When increasing the batch size to 8, the inputs tensor contains multiple sequences (each of max_length=4), and the corresponding targets tensor is shifted by one token position for each sequence. This batching allows the model to process multiple sequences simultaneously, improving computational efficiency while maintaining the sequential structure for each input-target pair.

#### 3. Avoiding Overlap

Find on the lab : *" Adjusting the stride parameter affects the overlap between input sequences. By setting stride equal to max_length, overlapping is minimized, which can help prevent overfitting."*

Using stride=4 ensures that there is no overlap between consecutive sequences in the input. Each sequence starts exactly where the previous one ends, thereby avoiding repetition of tokens across input-output pairs. This configuration minimizes redundancy in the data, reduces the risk of overfitting caused by repeated exposure to overlapping sequences, and promotes diverse training examples.
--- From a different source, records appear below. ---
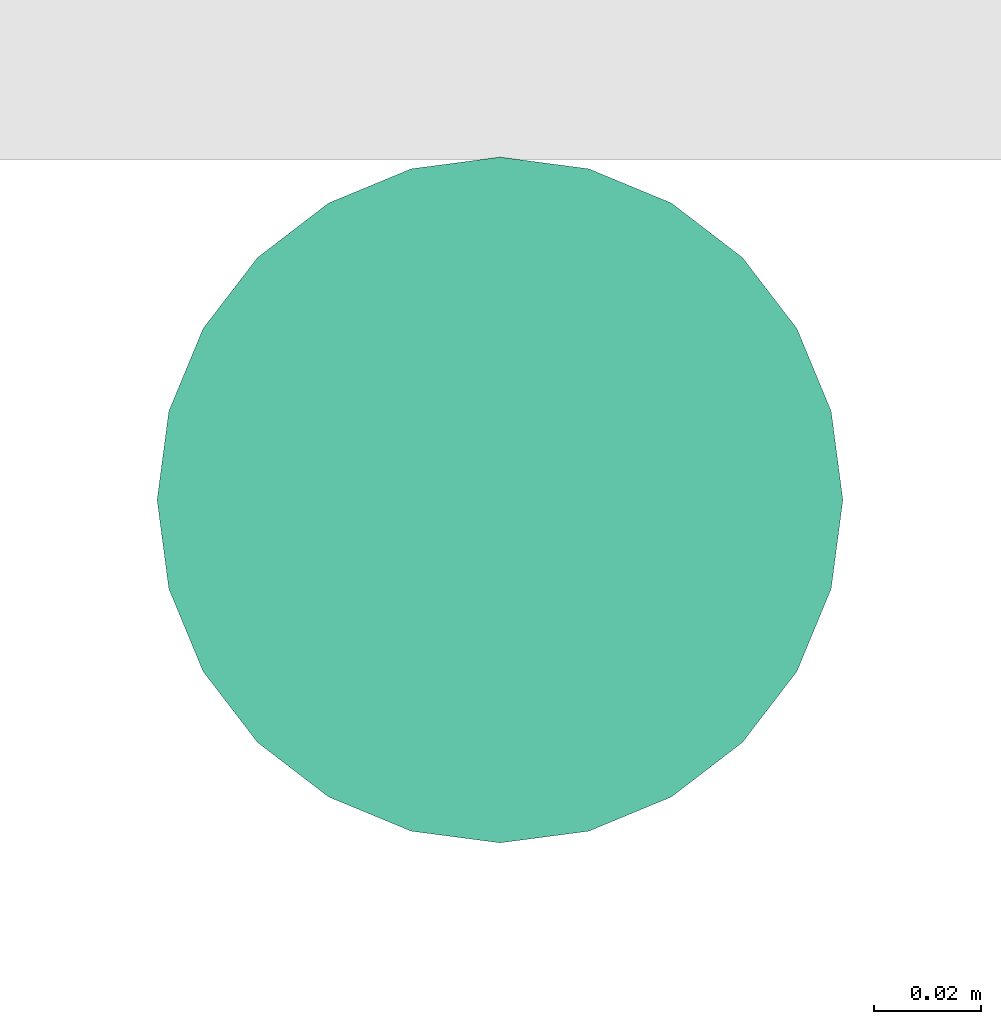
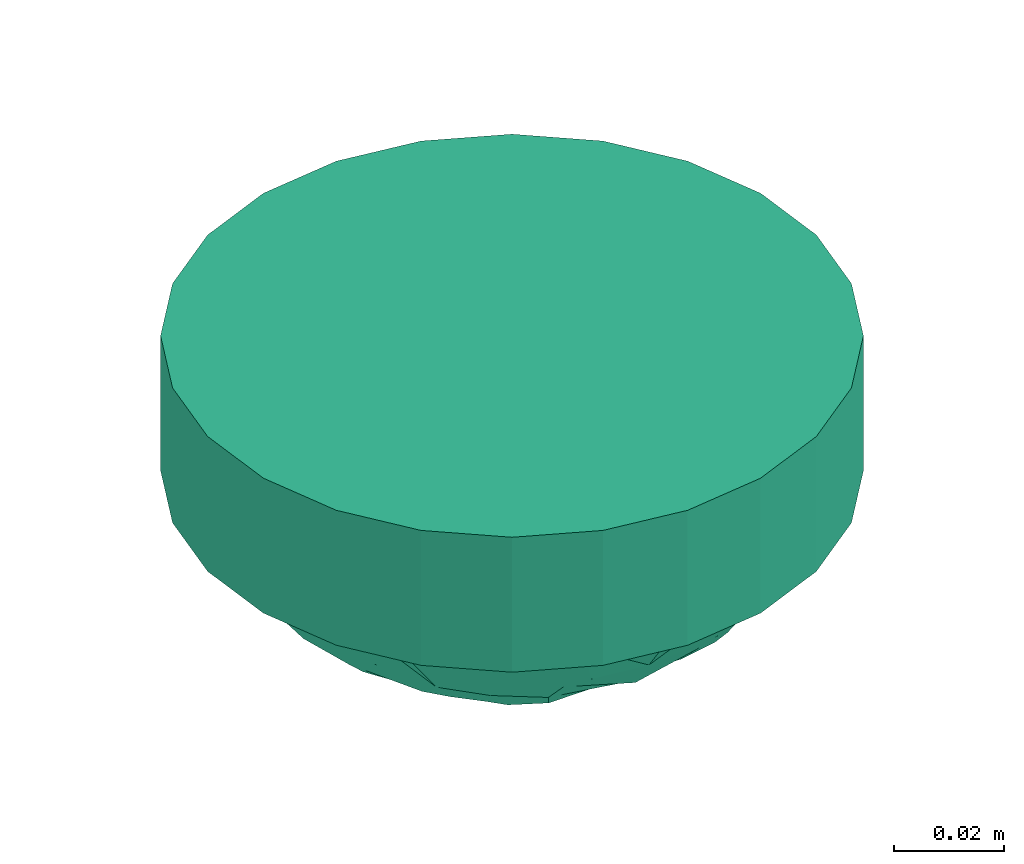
# One storey, part 129 of 153: 1 flow terminal.
"""IFC2X3 building model written with IfcOpenShell, lengths in metres."""

from ifc_helpers import new_model, entity, si_unit, converted_unit, derived_unit, direction, frame, origin, place, context, subcontext, project, spatial, faceted_brep, source, transform, mapped, type_object, type_shapes, element, save


model = new_model("IFC2X3")

# Units and contexts
model_context = context("Model", 3, precision=1e-05, world=origin(), true_north=direction((6.12303176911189e-17, 1.0)))
body_context = subcontext(model_context, "Body", "Model", "MODEL_VIEW")
ifc_project = project(units=[si_unit("LENGTHUNIT", "METRE"), si_unit("AREAUNIT", "SQUARE_METRE"), si_unit("VOLUMEUNIT", "CUBIC_METRE"), converted_unit("PLANEANGLEUNIT", "DEGREE", entity("IfcRatioMeasure", 0.0174532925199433), si_unit("PLANEANGLEUNIT", "RADIAN"), dimensions=[0, 0, 0, 0, 0, 0, 0]), si_unit("MASSUNIT", "GRAM", prefix="KILO"), derived_unit("MASSDENSITYUNIT", [(si_unit("MASSUNIT", "GRAM", prefix="KILO"), 1), (si_unit("LENGTHUNIT", "METRE"), -3)]), si_unit("TIMEUNIT", "SECOND"), si_unit("FREQUENCYUNIT", "HERTZ"), si_unit("THERMODYNAMICTEMPERATUREUNIT", "DEGREE_CELSIUS"), derived_unit("THERMALTRANSMITTANCEUNIT", [(si_unit("MASSUNIT", "GRAM", prefix="KILO"), 1), (si_unit("THERMODYNAMICTEMPERATUREUNIT", "KELVIN"), -1), (si_unit("TIMEUNIT", "SECOND"), -3)]), derived_unit("VOLUMETRICFLOWRATEUNIT", [(si_unit("LENGTHUNIT", "METRE"), 3), (si_unit("TIMEUNIT", "SECOND"), -1)]), si_unit("ELECTRICCURRENTUNIT", "AMPERE"), si_unit("ELECTRICVOLTAGEUNIT", "VOLT"), si_unit("POWERUNIT", "WATT"), si_unit("FORCEUNIT", "NEWTON"), si_unit("ILLUMINANCEUNIT", "LUX"), si_unit("LUMINOUSFLUXUNIT", "LUMEN"), si_unit("LUMINOUSINTENSITYUNIT", "CANDELA"), derived_unit("USERDEFINED", [(si_unit("MASSUNIT", "GRAM", prefix="KILO"), -1), (si_unit("LENGTHUNIT", "METRE"), -2), (si_unit("TIMEUNIT", "SECOND"), 3), (si_unit("LUMINOUSFLUXUNIT", "LUMEN"), 1)]), derived_unit("LINEARVELOCITYUNIT", [(si_unit("LENGTHUNIT", "METRE"), 1), (si_unit("TIMEUNIT", "SECOND"), -1)]), si_unit("PRESSUREUNIT", "PASCAL"), derived_unit("USERDEFINED", [(si_unit("LENGTHUNIT", "METRE"), -2), (si_unit("MASSUNIT", "GRAM", prefix="KILO"), 1), (si_unit("TIMEUNIT", "SECOND"), -2)])], contexts=[model_context])

# Site, building, storey
site_placement = place(None, origin())
site = spatial("IfcSite", under=ifc_project, at=site_placement, Name="Default", CompositionType="ELEMENT")
building_placement = place(site_placement, origin())
building = spatial("IfcBuilding", under=site, at=building_placement, CompositionType="ELEMENT")
storey_placement = place(building_placement, frame((0.0, 0.0, -4.62)))
storey = spatial("IfcBuildingStorey", under=building, at=storey_placement, Name="S02", CompositionType="ELEMENT", Elevation=-4.62)

# Flow terminal
light_fixture_type = type_object("IfcLightFixtureType", Name="Détecteur 360°", PredefinedType="NOTDEFINED")
shared_shape = source(origin(), body_context, "Body", "Brep", [
    faceted_brep([(0.0, -0.0397165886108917, 0.0531256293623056), (0.0, -0.034524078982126, 0.0563702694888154), (-0.0175153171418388, -0.0435914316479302, 0.0478512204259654), (-0.0194029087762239, -0.000878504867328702, 0.0644483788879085), (0.0, 0.0, 0.0669999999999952), (0.0, 0.00603476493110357, 0.0659648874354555), (-0.0174057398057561, -0.0159851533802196, 0.0630502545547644), (-0.0366619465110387, -0.0127227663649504, 0.0549213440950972), (-0.026998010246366, -0.0195753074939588, 0.0584711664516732), (-0.0202403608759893, -0.0335607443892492, 0.054639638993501), (-0.0359767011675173, -0.0348394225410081, 0.0444249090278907), (-0.0276843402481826, -0.0401006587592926, 0.0459804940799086), (-0.0133088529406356, -0.0517577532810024, 0.0400582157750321), (-0.0172617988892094, -0.0486391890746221, 0.042533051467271), (-0.0256912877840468, -0.0533485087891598, 0.0299999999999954), (-0.0462941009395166, -0.0369183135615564, 0.0299999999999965), (0.0, -0.0241390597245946, 0.0628595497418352), (-0.0186245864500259, -0.0267295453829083, 0.0589100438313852), (-0.0139070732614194, -0.0374370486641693, 0.0540817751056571), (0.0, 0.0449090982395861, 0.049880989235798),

### Questions - Exercise 2.2
1. How do changes in `max_length` and `stride` affect the input-output mappings produced by the data loader?  
2. What differences do you observe in the data when using a batch size of 8 compared to a batch size of 1?  
3. How does using a larger stride (e.g., `stride=4`) influence the coverage of the dataset and the overlap between sequences?  

### Responses - Exercise 2.2

1. Increasing max_length increases the context captured within each sequence, allowing the model to learn from longer dependencies, while increasing stride reduces the overlap between sequences, minimizing redundancy and promoting unique training examples.

2. Using a batch size of 8 processes multiple sequences simultaneously, improving computational efficiency compared to a batch size of 1, which processes sequences individually.

3. A larger stride, such as stride=4 (if max_length=4), ensures no overlap between sequences, reducing redundancy while covering more unique parts of the dataset.